About this exercise
Give back the listing in full and exactly, leaving out the images.

Available records
== Segment start ==

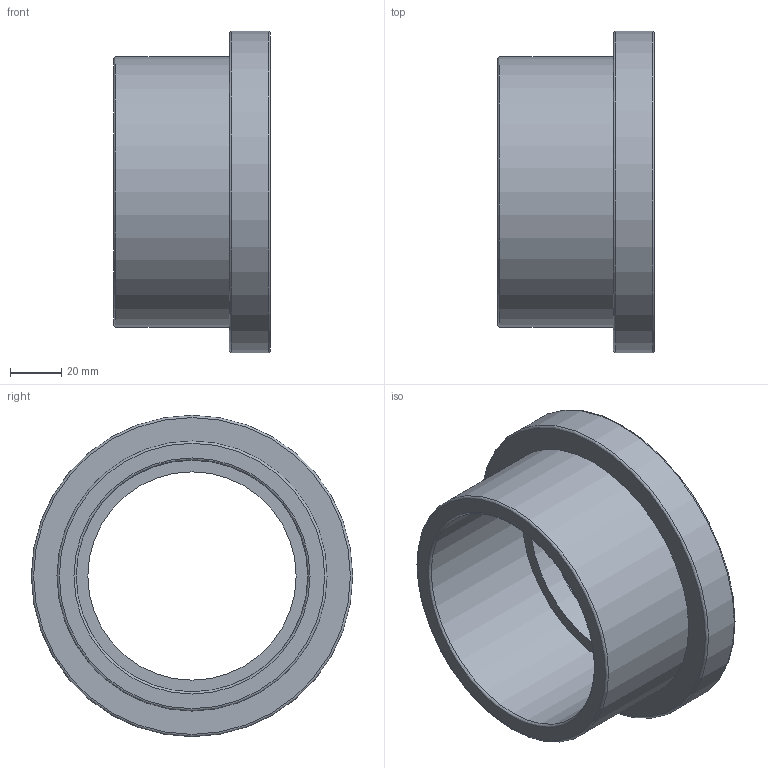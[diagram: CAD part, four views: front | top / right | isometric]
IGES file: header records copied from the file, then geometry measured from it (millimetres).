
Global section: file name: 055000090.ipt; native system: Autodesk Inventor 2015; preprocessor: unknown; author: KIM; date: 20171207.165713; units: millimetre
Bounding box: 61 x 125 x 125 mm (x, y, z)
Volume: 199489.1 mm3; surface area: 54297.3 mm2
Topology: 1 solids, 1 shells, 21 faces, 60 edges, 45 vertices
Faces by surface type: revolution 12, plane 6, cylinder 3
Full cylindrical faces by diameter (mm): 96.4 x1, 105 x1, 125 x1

== Segment end ==

Task solution
[diagram: CAD part, four views: front | top / right | isometric]
IGES file: header records copied from the file, then geometry measured from it (millimetres).
Global section: file name: 055000090.ipt; native system: Autodesk Inventor 2015; preprocessor: unknown; author: KIM; date: 20171207.165713; units: millimetre
Bounding box: 61 x 125 x 125 mm (x, y, z)
Volume: 199489.1 mm3; surface area: 54297.3 mm2
Topology: 1 solids, 1 shells, 21 faces, 60 edges, 45 vertices
Faces by surface type: revolution 12, plane 6, cylinder 3
Full cylindrical faces by diameter (mm): 96.4 x1, 105 x1, 125 x1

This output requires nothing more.